I used iterations.txt
in order to know how many times I have to iterate through the folder, in order to collect all files.
Script used:
#/bin/bash
ITERATIONS=$(cat coverage/iterations.txt)
COVERAGE=0
for i in $(seq 1 $ITERATIONS)
do
CURRENT=$(cat coverage/report_${i}.json | jq 'if .result.covered_percent then
.result.covered_percent else .result.line end')
echo "current ${CURRENT}"
COVERAGE=$(echo "$COVERAGE + $CURRENT" | bc)
done
if [[ $(echo "$COVERAGE < 50" | bc) == 1 ]]; then
echo "SHAME! Test coverage is too low to proceed... $COVERAGE%...really?"
exit 1
fi
echo "Congrats! your are contributing to a better world by having $COVERAGE% of your code covered by tests!"
exit 0
Bitbucket-pipelines.yml:
image:
name: <your-pipelines-image>
(...)
steps:
(...)
- parallel: &test
- step:
name: Model Specs
script:
- bundle install
- bundle exec rspec spec/models
- cp coverage/.last_run.json coverage/report_$(( $BITBUCKET_PARALLEL_STEP + 1 )).json
- echo $BITBUCKET_PARALLEL_STEP_COUNT >> coverage/iterations.txt <-- only once
services:
- mysql
artifacts:
- coverage/report_*.json
- coverage/iterations.txt
- step:
name: Jobs Specs
script:
- bundle install
- bundle exec rspec spec/jobs
- cp coverage/.last_run.json coverage/report_$(( $BITBUCKET_PARALLEL_STEP + 1 )).json
services:
- mysql
artifacts:
- coverage/report_*.json
- step:
name: Policies Specs
script:
- bundle install
- bundle exec rspec spec/policies
- cp coverage/.last_run.json coverage/report_$(( $BITBUCKET_PARALLEL_STEP + 1 )).json
services:
- mysql
artifacts:
- coverage/report_*.json
- step:
name: Requests Specs
script:
- bundle install
- bundle exec rspec spec/requests
- cp coverage/.last_run.json coverage/report_$(( $BITBUCKET_PARALLEL_STEP + 1 )).json
services:
- mysql
artifacts:
- coverage/report_*.json
pipelines:
branches:
test/test-pipeline:
- parallel: *test
- step: *coverage
Conclusions: After implementation, I preceded a benchmark in order to know if the solution would make sense in my app's context.
Without parallelism:
With parallelism:
Main points:
The parallelism made it possible to run the test step faster (4m 55s vs 7m 31s).

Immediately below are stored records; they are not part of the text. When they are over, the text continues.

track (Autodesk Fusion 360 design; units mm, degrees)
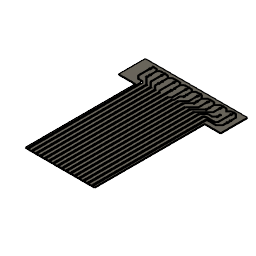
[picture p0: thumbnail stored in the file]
base_feature "Base Feature"
offset_faces "OffsetFaces1" distance -0.8
extrude "Extrude1" cut of existing geometry blind -0.6
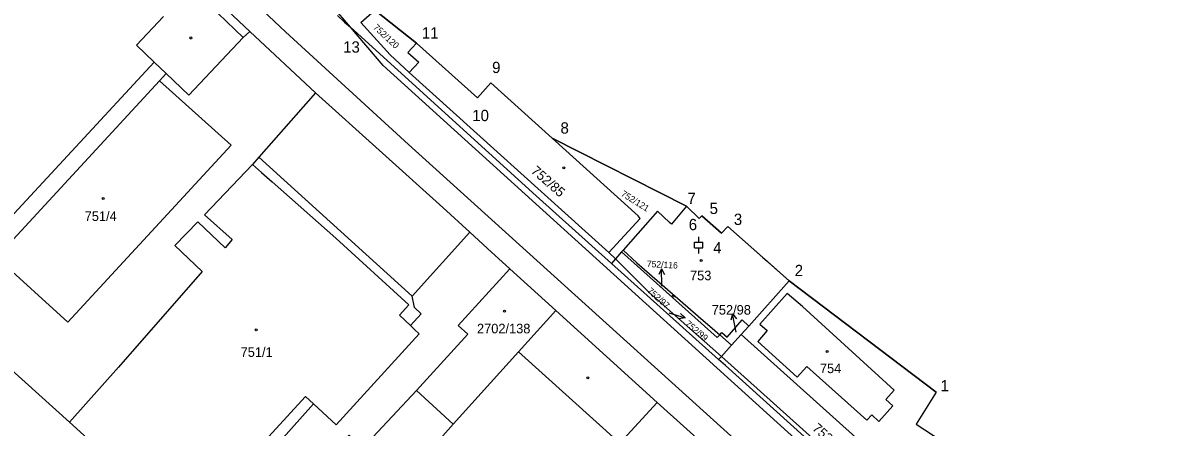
# Model space of a CAD drawing. Extents: x -496682 to -495907, y -1088575 to -1088018.
# Drawn here: x -496399.3 to -496196, y -1088432.3 to -1088360.6 of the extents above; entities that cross this region are included whole.
import ezdxf

# ---------------------------------------------------------------- set-up
doc = ezdxf.new("R2010")
doc.units = 0
for name, color, linetype in [('Hranice parcel', 7, 'Continuous'), ('Parcelní čísla', 7, 'Continuous'), ('Pop  PČ popisy', 7, 'Continuous'), ('Vnitřní kresba', 7, 'Continuous'), ('Vrstva 31', 7, 'Continuous'), ('Vrstva 32', 7, 'Continuous'), ('Vrstva 54', 7, 'Continuous'), ('Značky budov', 7, 'Continuous'), ('Značky kultur', 7, 'Continuous')]:
    doc.layers.add(name, color=color, linetype=linetype)

msp = doc.modelspace()

# ---------------------------------------------------------------- linework, layer by layer
at = {"layer": 'Hranice parcel'}
for p, q in [((-496347.42, -1088372.97), (-496359.06, -1088362.08)), ((-496415.13, -1088409.73), (-496376.05, -1088367.51)), ((-496295.37, -1088401.32), (-496330.83, -1088369.38)), ((-496305.46, -1088381.01), (-496281.64, -1088393.07)), ((-496294.19, -1088402.41), (-496295.37, -1088401.32)), ((-496293.12, -1088401.19), (-496294.19, -1088402.41)), ((-496292.87, -1088400.91), (-496293.12, -1088401.19)), ((-496294.19, -1088402.41), (-496294.91, -1088403.24)), ((-496275.92, -1088420.27), (-496294.91, -1088403.24)), ((-496270.58, -1088414.34), (-496263.38, -1088406.35)), ((-496286.81, -1088427.89), (-496304.81, -1088411.58)), ((-496271.94, -1088415.85), (-496270.58, -1088414.34)), ((-496273.63, -1088417.73), (-496275.71, -1088415.91)), ((-496273.63, -1088417.73), (-496271.94, -1088415.85)), ((-496275.42, -1088419.72), (-496273.63, -1088417.73)), ((-496275.92, -1088420.27), (-496275.42, -1088419.72)), ((-496235.01, -1088455.98), (-496275.42, -1088419.72)), ((-496329.51, -1088425.77), (-496322.98, -1088431.74)), ((-496270.9, -1088442.22), (-496286.81, -1088427.89)), ((-496322.98, -1088431.74), (-496349.17, -1088461.01))]:
    msp.add_line(p, q, dxfattribs=at)
for points in [[(-496248.09, -1088462.93), (-496246.94, -1088461.48), (-496246.55, -1088459.79), (-496247.27, -1088457.92), (-496249.13, -1088456.06), (-496330.94, -1088382.16), (-496352.76, -1088362.17), (-496394.53, -1088322.76)], [(-496359.06, -1088362.08), (-496374.12, -1088347.89), (-496379.4, -1088342.98), (-496392.05, -1088330.77)], [(-496341.24, -1088361.35), (-496344.49, -1088357.55), (-496352.49, -1088347.86)], [(-496339.41, -1088360.51), (-496336.89, -1088358.33), (-496329.48, -1088364.15)], [(-496343.5, -1088359.28), (-496342.26, -1088360.42), (-496341.24, -1088361.35)], [(-496330.83, -1088369.38), (-496334.19, -1088366.23), (-496339.41, -1088360.51)], [(-496376.05, -1088367.51), (-496373.92, -1088369.56), (-496369.92, -1088373.4), (-496360.24, -1088363.14), (-496359.06, -1088362.08)], [(-496294.91, -1088403.24), (-496308.3, -1088391.23), (-496341.24, -1088361.35)], [(-496113.2, -1088569.45), (-496126.78, -1088557.15), (-496235.31, -1088458.83), (-496335.43, -1088368.13), (-496341.24, -1088361.35)], [(-496329.48, -1088364.15), (-496331.02, -1088365.83), (-496329.12, -1088367.54), (-496330.83, -1088369.38)], [(-496329.48, -1088364.15), (-496318.71, -1088373.85), (-496316.3, -1088371.21), (-496305.46, -1088381.01)], [(-496347.42, -1088372.97), (-496357.46, -1088384.36), (-496358.63, -1088385.68), (-496367.13, -1088394.6), (-496362.2, -1088399), (-496363.47, -1088400.45), (-496368.31, -1088395.83), (-496372.35, -1088400.06), (-496367.51, -1088404.68)], [(-496320.05, -1088397.68), (-496324.85, -1088393.33), (-496347.42, -1088372.97)], [(-496295.37, -1088401.32), (-496289.83, -1088395.26), (-496290.2, -1088394.8), (-496305.46, -1088381.01)], [(-496281.64, -1088393.07), (-496284.3, -1088396.25), (-496284.64, -1088395.96), (-496286.75, -1088393.98), (-496292.87, -1088400.91)], [(-496281.64, -1088393.07), (-496279.37, -1088395.26), (-496278.92, -1088394.77), (-496275.4, -1088397.89), (-496274.28, -1088396.67), (-496268.16, -1088402.12), (-496267.26, -1088402.88), (-496263.38, -1088406.35)], [(-496353.62, -1088434.72), (-496347.79, -1088428.16), (-496343.74, -1088431.85), (-496329.03, -1088415.71), (-496329.94, -1088414.89), (-496330.57, -1088414.27), (-496328.66, -1088412.18), (-496329.87, -1088411.04), (-496330.29, -1088409.02), (-496320.05, -1088397.68)], [(-496320.05, -1088397.68), (-496316.9, -1088400.57), (-496312.96, -1088404.2), (-496304.81, -1088411.58)], [(-496275.71, -1088415.91), (-496276.17, -1088416.39), (-496293.12, -1088401.19)], [(-496292.87, -1088400.91), (-496290.41, -1088403.13), (-496278.64, -1088413.37), (-496277.5, -1088414.34), (-496275.71, -1088415.91)], [(-496294.19, -1088402.41), (-496288.2, -1088408.47), (-496275.42, -1088419.72)], [(-496367.51, -1088404.68), (-496382.38, -1088421.63), (-496391.09, -1088431.4)], [(-496263.38, -1088406.35), (-496237.32, -1088426.06), (-496240.89, -1088431.73), (-496222.1, -1088444.04), (-496214.16, -1088448.81), (-496203.17, -1088456.69), (-496183.01, -1088473.86)], [(-496247.48, -1088431.25), (-496245.02, -1088428.51), (-496246.28, -1088427.38), (-496244.75, -1088425.7), (-496261.03, -1088410.9), (-496263.76, -1088408.58), (-496268.63, -1088414.01), (-496267.32, -1088415.15), (-496268.99, -1088417.07), (-496262.01, -1088423.42), (-496260.29, -1088421.52), (-496249.6, -1088431.03), (-496248.76, -1088430.1), (-496247.48, -1088431.25)], [(-496415.13, -1088409.73), (-496412.88, -1088411.76), (-496391.09, -1088431.4)], [(-496304.81, -1088411.58), (-496311.39, -1088418.91), (-496322.98, -1088431.74)], [(-496275.71, -1088415.91), (-496275.33, -1088415.51), (-496274.41, -1088416.29), (-496271.73, -1088413.23), (-496270.58, -1088414.34)], [(-496235.01, -1088455.98), (-496231.8, -1088451.84), (-496271.94, -1088415.85)], [(-496111.32, -1088569.45), (-496125.77, -1088556.38), (-496187.85, -1088499.89), (-496224.3, -1088466.84), (-496274.7, -1088421.37), (-496275.92, -1088420.27)], [(-496353.62, -1088434.72), (-496344.49, -1088436.33), (-496341.48, -1088433.73), (-496338.95, -1088435.92), (-496329.51, -1088425.77)], [(-496286.81, -1088427.89), (-496293.46, -1088435.15), (-496314.33, -1088457.95)], [(-496391.09, -1088431.4), (-496372.42, -1088448.31), (-496368.72, -1088451.67)]]:
    msp.add_lwpolyline(points, dxfattribs=at)
at = {"layer": 'Pop  PČ popisy'}
for p, q in [((-496286.05, -1088404.19), (-496286.54, -1088405.2)), ((-496286, -1088407.19), (-496286.05, -1088404.19)), ((-496286.05, -1088404.19), (-496285.53, -1088405.18)), ((-496285.99, -1088407.3), (-496286, -1088407.19)), ((-496284.72, -1088412.02), (-496281.85, -1088412.9)), ((-496281.85, -1088412.9), (-496282.95, -1088413.08)), ((-496281.85, -1088412.9), (-496282.66, -1088412.13)), ((-496273.46, -1088412.2), (-496273.75, -1088413.28)), ((-496272.84, -1088415.13), (-496273.46, -1088412.2)), ((-496273.46, -1088412.2), (-496272.77, -1088413.07)), ((-496272.78, -1088415.41), (-496272.84, -1088415.13))]:
    msp.add_line(p, q, dxfattribs=at)
at = {"layer": 'Vnitřní kresba'}
for p, q in [((-496372.36, -1088351.5), (-496360.24, -1088363.14)), ((-496379.15, -1088364.54), (-496374.38, -1088359.45)), ((-496376.05, -1088367.51), (-496379.15, -1088364.54)), ((-496404.03, -1088402.17), (-496375.12, -1088370.85)), ((-496373.92, -1088369.56), (-496375.12, -1088370.85)), ((-496375.12, -1088370.85), (-496362.41, -1088382.27)), ((-496362.41, -1088382.27), (-496391.38, -1088413.68)), ((-496357.46, -1088384.36), (-496330.29, -1088409.02)), ((-496358.63, -1088385.68), (-496356.99, -1088387.12)), ((-496356.99, -1088387.12), (-496355.14, -1088388.75)), ((-496355.14, -1088388.75), (-496343.81, -1088398.74)), ((-496391.38, -1088413.68), (-496404.03, -1088402.17)), ((-496312.96, -1088404.2), (-496322.1, -1088414.27)), ((-496322.1, -1088414.27), (-496320.41, -1088415.8)), ((-496320.41, -1088415.8), (-496329.51, -1088425.77)), ((-496293.46, -1088435.15), (-496311.39, -1088418.91)), ((-496362, -1088440.78), (-496349.22, -1088426.85)), ((-496349.22, -1088426.85), (-496347.79, -1088428.16))]:
    msp.add_line(p, q, dxfattribs=at)
msp.add_lwpolyline([(-496330.57, -1088414.27), (-496332.53, -1088412.43), (-496330.87, -1088410.6), (-496343.81, -1088398.74)], dxfattribs=at)
at = {"layer": 'Vrstva 31'}
for p, q in [((-496329.48, -1088364.15), (-496329.48, -1088364.15)), ((-496316.3, -1088371.21), (-496316.3, -1088371.21)), ((-496318.71, -1088373.85), (-496318.71, -1088373.85)), ((-496305.46, -1088381.01), (-496305.46, -1088381.01)), ((-496281.64, -1088393.07), (-496281.64, -1088393.07)), ((-496279.37, -1088395.26), (-496279.37, -1088395.26)), ((-496278.92, -1088394.77), (-496278.92, -1088394.77)), ((-496274.28, -1088396.67), (-496274.28, -1088396.67)), ((-496275.4, -1088397.89), (-496275.4, -1088397.89)), ((-496263.38, -1088406.35), (-496263.38, -1088406.35)), ((-496237.32, -1088426.06), (-496237.32, -1088426.06))]:
    msp.add_line(p, q, dxfattribs=at)
at = {"layer": 'Vrstva 54'}
msp.add_lwpolyline([(-496237.32, -1088426.06), (-496263.38, -1088406.35), (-496274.28, -1088396.67), (-496275.4, -1088397.89), (-496278.92, -1088394.77), (-496279.37, -1088395.26), (-496281.64, -1088393.07), (-496305.46, -1088381.01), (-496316.3, -1088371.21), (-496318.71, -1088373.85), (-496329.48, -1088364.15), (-496336.89, -1088358.33)], dxfattribs=at)
at = {"layer": 'Značky budov'}
for centre in [(-496369.52, -1088363.24), (-496303.39, -1088386.28), (-496385.1, -1088391.74), (-496278.99, -1088402.7), (-496283.96, -1088409.03), (-496313.92, -1088411.69), (-496357.95, -1088415.03), (-496256.64, -1088418.87), (-496299.1, -1088423.51)]:
    msp.add_circle(centre, 0.175, dxfattribs=at)
at = {"layer": 'Značky kultur'}
for p, q in [((-496279.44, -1088399.49), (-496279.44, -1088398.49)), ((-496280.19, -1088399.49), (-496278.69, -1088399.49)), ((-496280.19, -1088400.49), (-496280.19, -1088399.49)), ((-496280.19, -1088400.49), (-496278.69, -1088400.49)), ((-496279.44, -1088401.49), (-496279.44, -1088400.49)), ((-496278.69, -1088400.49), (-496278.69, -1088399.49))]:
    msp.add_line(p, q, dxfattribs=at)

# ---------------------------------------------------------------- texts
at = {"layer": 'Parcelní čísla'}
for s, height, rotation, p in [('752/120', 1.139, 317, (-496337.28, -1088361.49)), ('752/85', 1.7, 319, (-496309.32, -1088387.03)), ('752/121', 1.139, 328, (-496293.35, -1088391.18)), ('752/116', 1.139, 357, (-496288.68, -1088403.87)), ('752/97', 1.139, 318, (-496288.68, -1088408.24)), ('752/99', 1.139, 320, (-496281.95, -1088414.12)), ('752/111', 1.7, 318, (-496259.43, -1088432.66))]:
    msp.add_text(s, height=height, rotation=rotation, dxfattribs=at).set_placement(p)
for s, p in [('751/4', (-496388.37, -1088395.7)), ('753', (-496280.99, -1088406.22)), ('752/98', (-496277.14, -1088412.32)), ('2702/138', (-496318.78, -1088415.64)), ('751/1', (-496360.71, -1088419.82)), ('754', (-496257.95, -1088422.7))]:
    msp.add_text(s, height=1.7, dxfattribs=at).set_placement(p)
at = {"layer": 'Vrstva 32'}
for s, p in [('11', (-496328.57, -1088363.34)), ('13', (-496342.53, -1088365.84)), ('9', (-496316.1, -1088369.46)), ('10', (-496319.63, -1088377.99)), ('8', (-496303.97, -1088380.2)), ('7', (-496281.45, -1088392.69)), ('5', (-496277.52, -1088394.47)), ('3', (-496273.22, -1088396.41)), ('6', (-496281.22, -1088397.34)), ('4', (-496276.88, -1088401.46)), ('2', (-496262.42, -1088405.49)), ('1', (-496236.53, -1088425.91))]:
    msp.add_text(s, height=2, dxfattribs=at).set_placement(p)

doc.saveas('drawing.dxf')

Since the paid minutes do not correspond to 4: 55s but the sum of the minutes of all parallel steps (~11m), the minutes paid in parallelism was higher than the minutes paid without parallelism.
There seems to be a minimum of 1 minute per step, in parallel steps, which makes the solution optimal only for situations in which the efficiency gain outweighs the loss by the minimum cost per step that there seems to be.
This does not seem to be our case since most of our applications run the test suite in a short time.